The purchase of Pleasants Power Station has been opposed by a coalition of environmental and industrial interests. They contend FirstEnergy has no need for the additional power. Even if the utility sought new generation resources, they argue, it would be better off going to the market and requesting proposals for new resources instead of purchasing a 42-year-old coal plant. They note Pleasants Power Station will be subject to new federal regulations governing wastewater discharges if it remains open, a potentially costly upgrade that would have to be paid for by consumers.

West Virginia Energy Users Group, a trade group representing heavy industry and other large electricity consumers, argued in testimony to the PSC that there was no evidence to support Medine’s assertion the plant could be purchased cheaply.
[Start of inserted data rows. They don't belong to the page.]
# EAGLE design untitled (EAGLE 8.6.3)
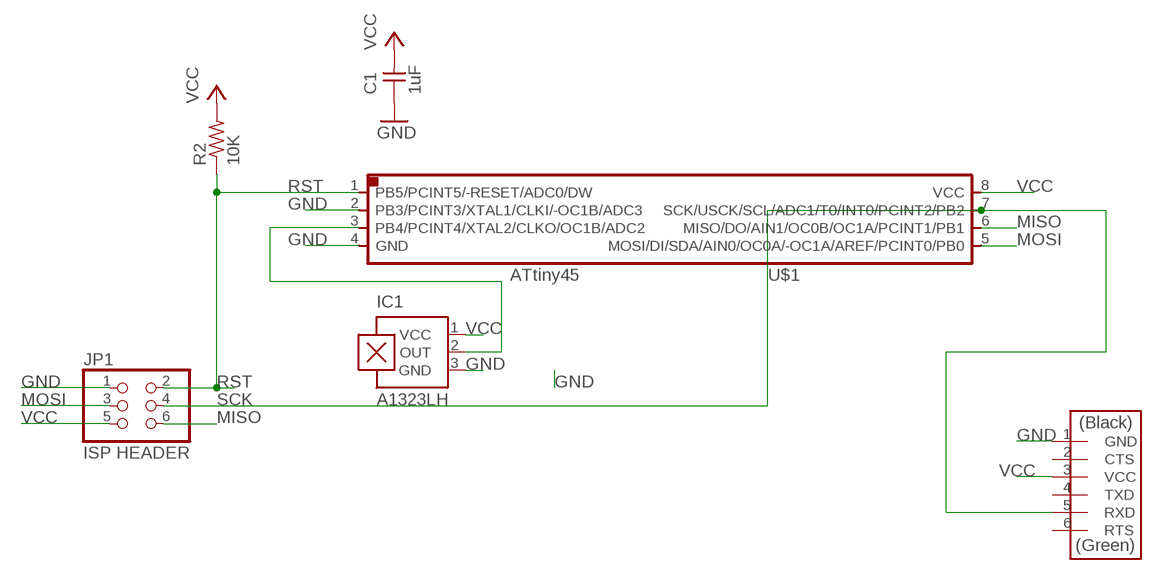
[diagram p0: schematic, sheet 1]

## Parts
C1  1uF  CAP-UNPOLARIZEDFAB  [C1206FAB]
IC1  A1323LH  [SOT23-W]
JP1  ISP HEADER  PINHD-2X3-SMD  [2X03SMD]
R2  10K  RES-US1206FAB  [R1206FAB]
U$1  ATTINY45SI  [SOIC8]
U$2  FTDI-SMD-HEADER  [1X06SMD]

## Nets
GND: C1.1 IC1.3(GND) JP1.1 U$1.2(PB3/PCINT3/XTAL1/CLKI/-OC1B/ADC3) U$1.4(GND) U$2.1(GND)
MISO: JP1.6 U$1.6(MISO/DO/AIN1/OC0B/OC1A/PCINT1/PB1)
MOSI: JP1.3 U$1.5(MOSI/DI/SDA/AIN0/OC0A/-OC1A/AREF/PCINT0/PB0)
N$1: IC1.2(OUT) U$1.3(PB4/PCINT4/XTAL2/CLKO/OC1B/ADC2)
RST: JP1.2 R2.1 U$1.1(PB5/PCINT5/-RESET/ADC0/DW)
SCK: JP1.4 U$1.7(SCK/USCK/SCL/ADC1/T0/INT0/PCINT2/PB2) U$2.5(RXD)
VCC: C1.2 IC1.1(VCC) JP1.5 R2.2 U$1.8(VCC) U$2.3(VCC)
Unconnected: U$2.2(CTS) U$2.4(TXD) U$2.6(RTS)

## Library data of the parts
C1 = fab:CAP-UNPOLARIZED
IC1 = allegro:A13*?: Linear Hall Effect Sensor ICs Continuous-Time Ratiometric High-Temperature Operation Programmable Linear with Analog Output A1302 -Replacement- UGN3503 Source: http://www.allegromicro.com/en/Products/Part_Numbers/1301/1301.pdf http://www.allegromicro.com/en/Products/Part_Numbers/1321/1321.pdf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; MF: ALLEGRO MICROSYSTEMS, INC.; MPN: A1323LLHLT-T; OC_FARNELL: 1651968; OC_NEWARK: 65K5152
JP1 = fab:PINHD-2X3-SMD: PIN HEADER
R2 = fab:RES-US: Resistor (US Symbol)
U$1 = fab:ATTINY45
U$2 = fab:FTDI-SMD-HEADER

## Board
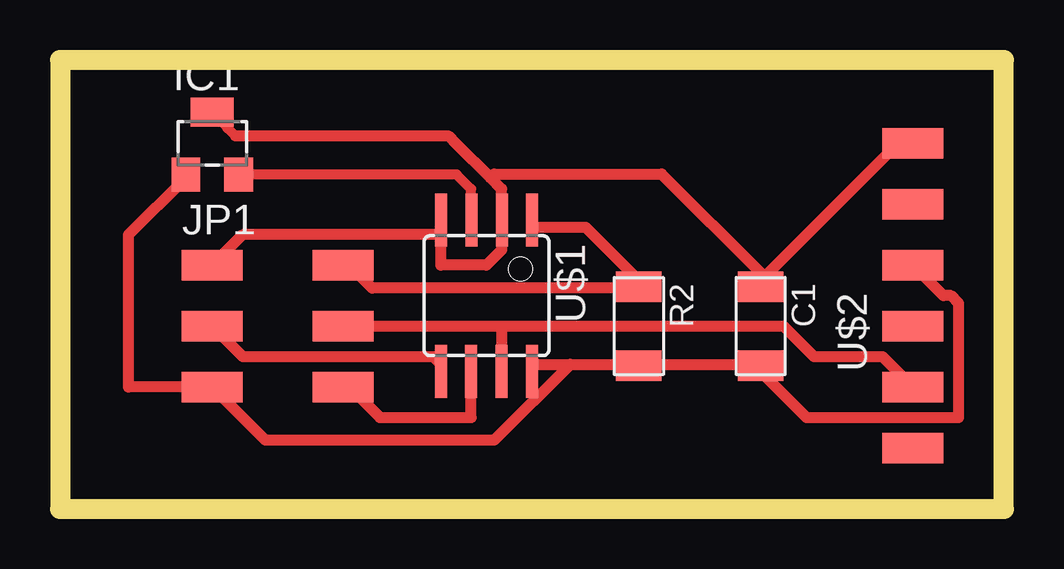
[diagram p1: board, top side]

Size 39.35 x 18.72 mm. Coordinates in mm from the lower left corner, seen from the top.
Outline: 0,0 39.35,0 39.35,18.72 0,18.72 0,0
Copper layers (1*16): Top 0.035mm / dielectric 1.5mm / Bottom 0.035mm
Design rules "default *": minimum track width 18mil, minimum drill 0.35mm, track to track 16mil, track to pad 16mil, pad to pad 16mil, via to via 6mil, smd to smd 16mil, copper to edge 40mil, drill to drill 6mil, minimum pad ring 10mil, minimum via ring 8mil, stop-mask expansion 4mil, vias tented up to drill 0mil, thermal gap 10mil

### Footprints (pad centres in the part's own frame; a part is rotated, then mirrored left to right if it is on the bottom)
C1206FAB = smd 1.27 x 1.905: 1 -1.651,0; 2 1.651,0
SOT23-W = smd 1.2 x 1.4: 1 -1.1,-1.3; 2 1.1,-1.3 | smd 1.8 x 1.2: 3 0,1.3
2X03SMD = smd 2.54 x 1.27: 1 -2.54,2.54; 2 2.92,2.54; 3 -2.54,0; 4 2.92,0; 5 -2.54,-2.54; 6 2.92,-2.54
R1206FAB = smd 1.27 x 1.905: 1 -1.651,0; 2 1.651,0
SOIC8 = smd 0.5 x 2.2: 1 -1.905,-3.154; 2 -0.645,-3.154; 3 0.625,-3.154; 4 1.895,-3.154; 5 1.905,3.154; 6 0.635,3.154; 7 -0.635,3.154; 8 -1.905,3.154
1X06SMD = smd 2.54 x 1.27: 1 0,6.35; 2 0,3.81; 3 0,1.27; 4 0,-1.27; 5 0,-3.81; 6 0,-6.35

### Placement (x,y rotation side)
C1  29.21,7.62 270 top
IC1  6.35,15.24 0 top
JP1  8.89,7.62 0 top
R2  24.13,7.62 270 top
U$1  17.78,8.89 180 top
U$2  35.56,8.89 0 top

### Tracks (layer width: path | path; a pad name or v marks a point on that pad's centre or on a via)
GND
  Top 0.406: IC1.3 6.98,15.91 6.98,15.88 7.3,15.56
  Top 0.457: U$2.1 34.92,15.24 29.21,9.53 C1.1 29.21,9.84 25.08,13.97 18.1,13.97 17.94,13.81 | 17.94,13.81 18.41,13.34 18.41,12.07 U$1.2 18.41,11.75 18.41,10.8 17.78,10.16 15.88,10.16 15.88,11.43 | 17.94,13.81 16.51,15.24 16.19,15.56 7.3,15.56 | 15.88,11.43 15.88,11.75 U$1.4 15.88,11.43 | JP1.1 7.62,11.43 15.88,11.43
MISO
  Top 0.457: U$1.6 17.14,3.81 13.33,3.81 12.06,5.08 JP1.6
MOSI
  Top 0.457: JP1.3 7.62,6.35 15.56,6.35 15.88,6.03 U$1.5
N$1
  Top 0.406: U$1.3 17.14,12.05 17.14,13.34 16.54,13.94 IC1.2
RST
  Top 0.457: U$1.1 19.69,11.75 21.91,11.75 24.13,9.53 R2.1 24.13,9.21 13.02,9.21 12.06,10.16 JP1.2
SCK
  Top 0.457: 18.41,7.62 U$1.7 | JP1.4 18.41,7.62 | U$2.5 34.29,6.35 31.43,6.35 30.16,7.62 18.41,7.62
VCC
  Top 0.406: 5.25,13.82 IC1.1
  Top 0.457: 21.27,6.03 19.69,6.03 U$1.8 | 21.27,6.03 24.13,6.03 | 24.13,6.03 29.21,6.03 C1.2 29.21,5.72 31.11,3.81 37.47,3.81 37.47,8.57 37.15,8.89 36.83,8.89 U$2.3 | 24.13,6.03 R2.2 | 21.27,6.03 18.1,2.86 8.57,2.86 JP1.5 2.86,5.08 2.86,11.43 5.25,13.82

“It’s not about the fuel resource,” said Derrick Price Williamson, a lawyer who leads the energy group. “We don’t think utilities should be investing huge amounts of money in solar if solar is not economic in the market. We think the development of solar should be left to the competitive wholesale market, just as the development or retention of coal facilities should be left to the competitive wholesale market. There shouldn’t be artificial barriers or supports created by the Legislature.”

Shannon Anderson, an attorney at the Powder River Basin Resource Council in Wyoming, said she has observed a similar trend in other coal states.

“You have states who typically don’t like to enforce mandates. They talk about government control, and they don’t like to regulate the market. They talk about the free market. But when it comes down to it, they are struggling with how to implement their values and save coal,” said Anderson, a longtime coal critic. “When you put all your eggs in one basket, it is hard to move forward.”